Project

General

Profile

Feature #1670

create mdrun option checking mini-tool

Added by Szilárd Páll almost 5 years ago. Updated over 3 years ago.

Status:
New
Priority:
Normal
Assignee:
-
Category:
core library
Target version:
-
Difficulty:
uncategorized
Close

Description

One of the most annoying things that happens to most people is to find that an mdrun job submitted to a cluster crashed after a long queuing due to silly mistakes like invalid command line options or missing input files.

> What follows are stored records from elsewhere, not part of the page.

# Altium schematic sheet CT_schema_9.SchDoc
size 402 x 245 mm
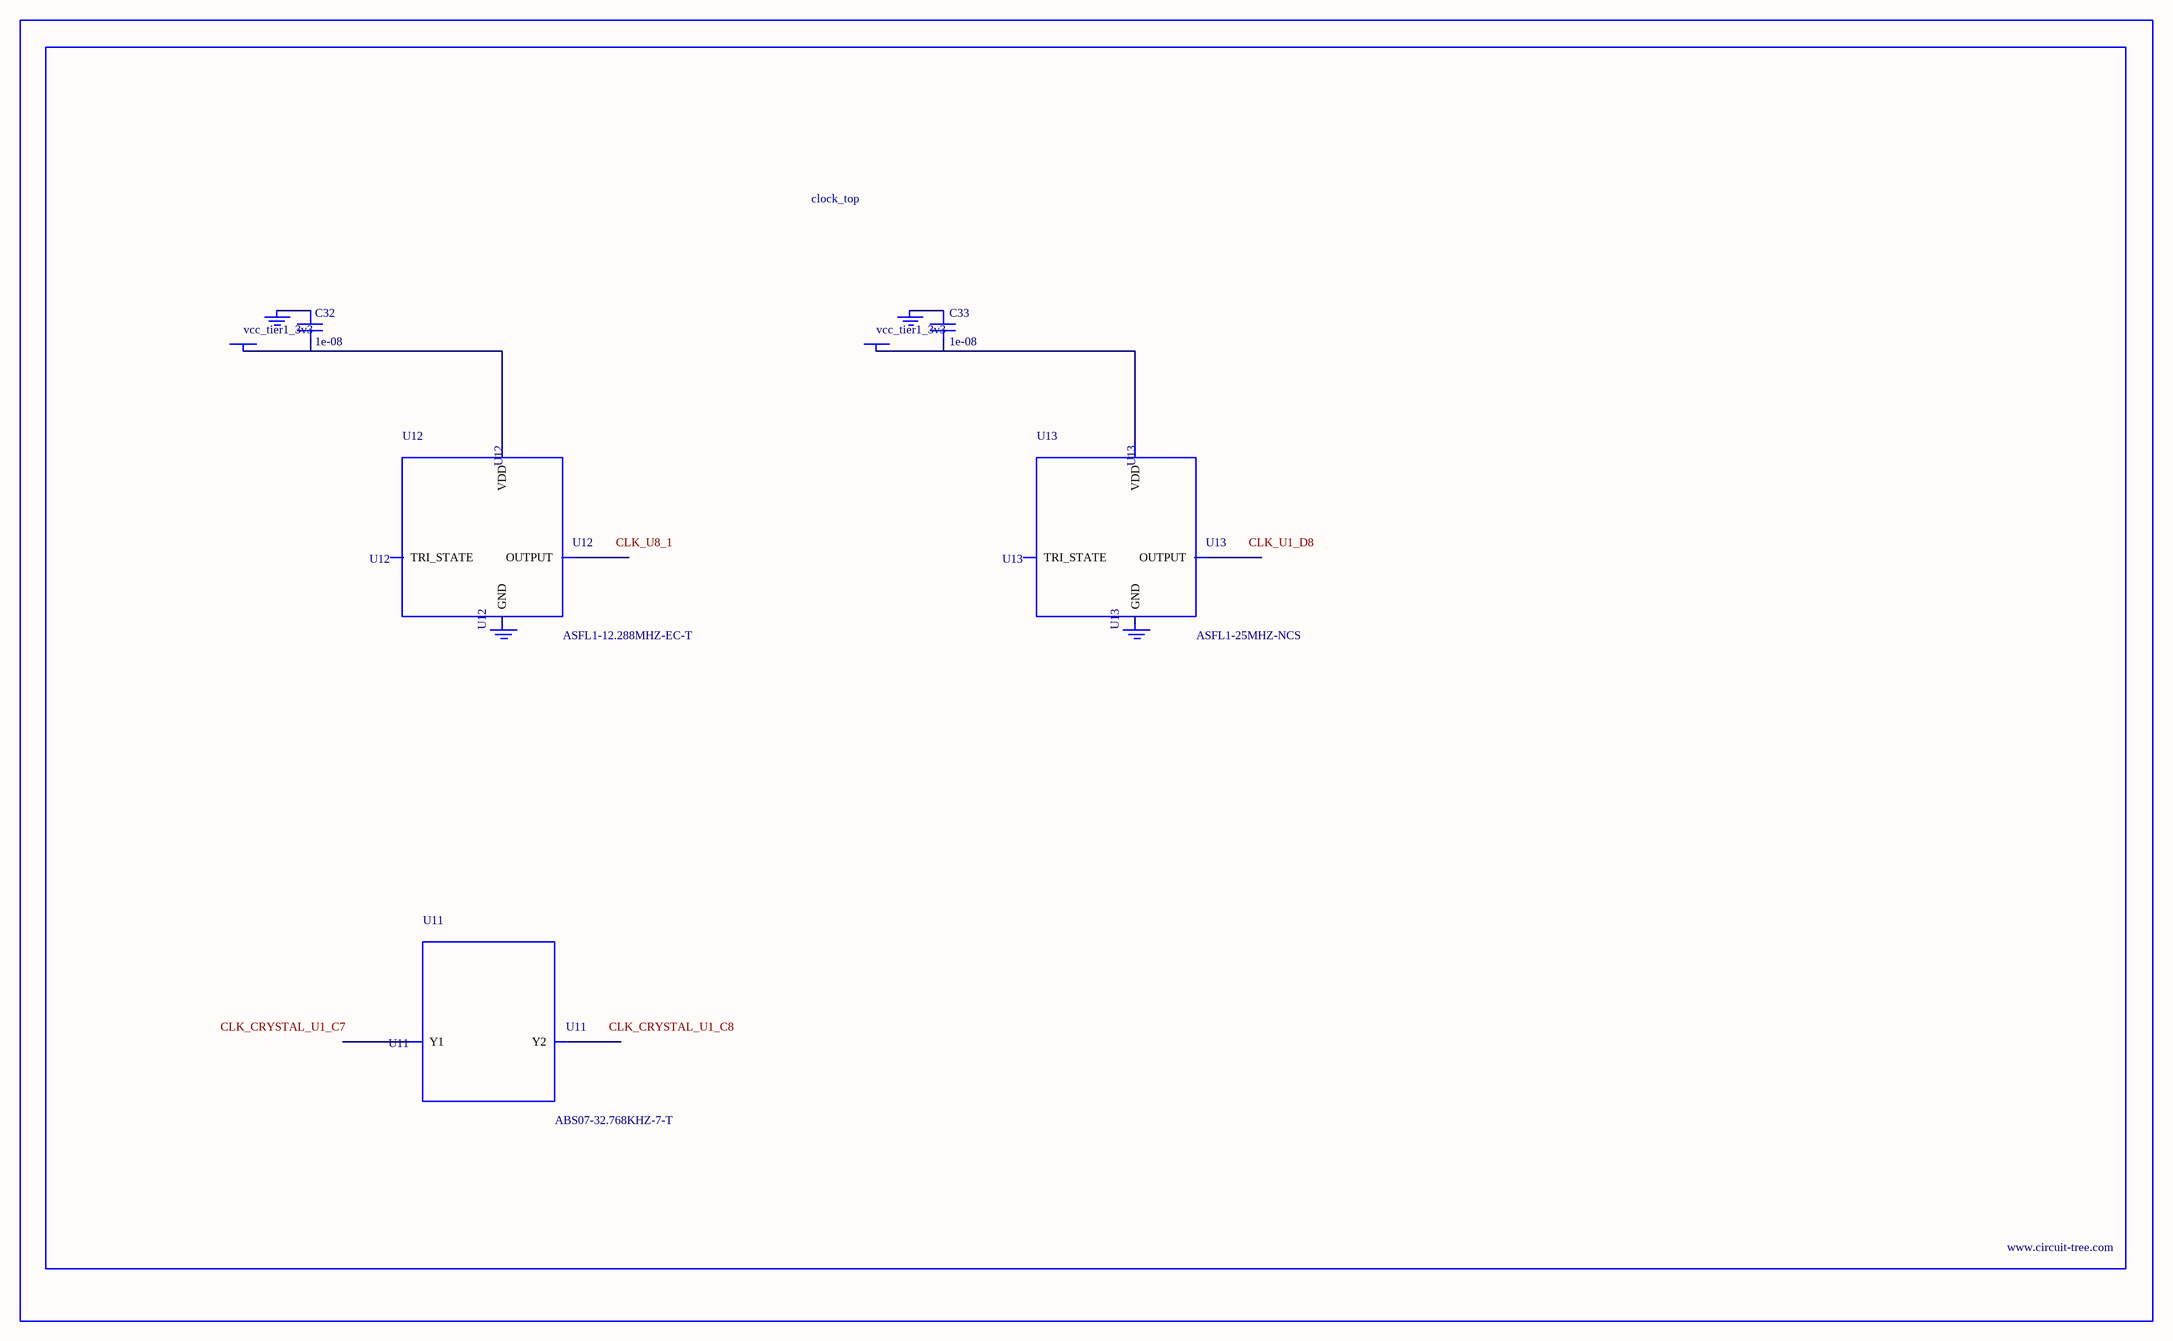
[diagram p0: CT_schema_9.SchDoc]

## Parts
BORDER8  (no value)
C32  1e-08  [C0402]
C33  1e-08  [C0402]
GND_INSTANCE_8_0  (no value)
GND_INSTANCE_8_1  (no value)
GND_INSTANCE_8_2  (no value)
GND_INSTANCE_8_3  (no value)
POWER_INSTANCE_8_0  vcc_tier1_3v3
POWER_INSTANCE_8_1  vcc_tier1_3v3
U11  ABS07-32.768KHZ-7-T  [ABS07-32.768KHZ-7-T]
U12  ASFL1-12.288MHZ-EC-T  [ASFL1]
U13  ASFL1-25MHZ-NCS  [ASFL1]

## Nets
NetC32_1: C32.1 GND_INSTANCE_8_0.0(GND)
NetC32_2: C32.2 POWER_INSTANCE_8_0.0(PWR) U12.4(VDD)
NetC33_1: C33.1 GND_INSTANCE_8_2.0(GND)
NetC33_2: C33.2 POWER_INSTANCE_8_1.0(PWR) U13.4(VDD)

Not connected (* = marked no-connect by the designer): GND_INSTANCE_8_1 0(GND); GND_INSTANCE_8_3 0(GND); U11 1(Y1) 2(Y2); U12 1(TRI_STATE) 2(GND) 3(OUTPUT); U13 1(TRI_STATE) 2(GND) 3(OUTPUT)

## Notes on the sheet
- Labels drawn without touching a wire or pin: CLK_CRYSTAL_U1_C7, CLK_CRYSTAL_U1_C8, CLK_U1_D8, CLK_U8_1

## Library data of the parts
BORDER8 = BORDER_PAGE8
C32 C33 = C0402C103K3RAC
GND_INSTANCE_8_0-GND_INSTANCE_8_3 = GND
POWER_INSTANCE_8_0 POWER_INSTANCE_8_1 = PWR

To avoid this, it would be extremely useful to have a small tool that could be called before job submission to do some basic input validation. Command line arguments could be validated using the same option parsing code that mdrun uses, input files could be initially just checked for existence/opened for r/rw.


Related issues

Related to GROMACS - Task #1170: mdlib reorganizationNew

History

#1 Updated by Mark Abraham almost 5 years ago

  • Related to Task #1170: mdlib reorganization added

#2 Updated by Mark Abraham almost 5 years ago

This would indeed be useful. However, there's a bunch of files that are only handled in their modules (probably pull code and others), some algorithms can't work without MPI (e.g. multi-sim) and the utility has to run on the login node. People would also like a tool that can check whether the number of ranks will be suitable for DD-PME, or GPU settings. All these issues are manageable, but there's a lot of code in the way of doing all of them, so we'd have to pick carefully.

An ideal implementation might be to run all the way to the first MD step with some kind of mock hardware environment, but we are a very long way from that.

#3 Updated by Szilárd Páll almost 5 years ago

Mark Abraham wrote:

This would indeed be useful. However, there's a bunch of files that are only handled in their modules (probably pull code and others), some algorithms can't work without MPI (e.g. multi-sim) and the utility has to run on the login node. People would also like a tool that can check whether the number of ranks will be suitable for DD-PME, or GPU settings. All these issues are manageable, but there's a lot of code in the way of doing all of them, so we'd have to pick carefully.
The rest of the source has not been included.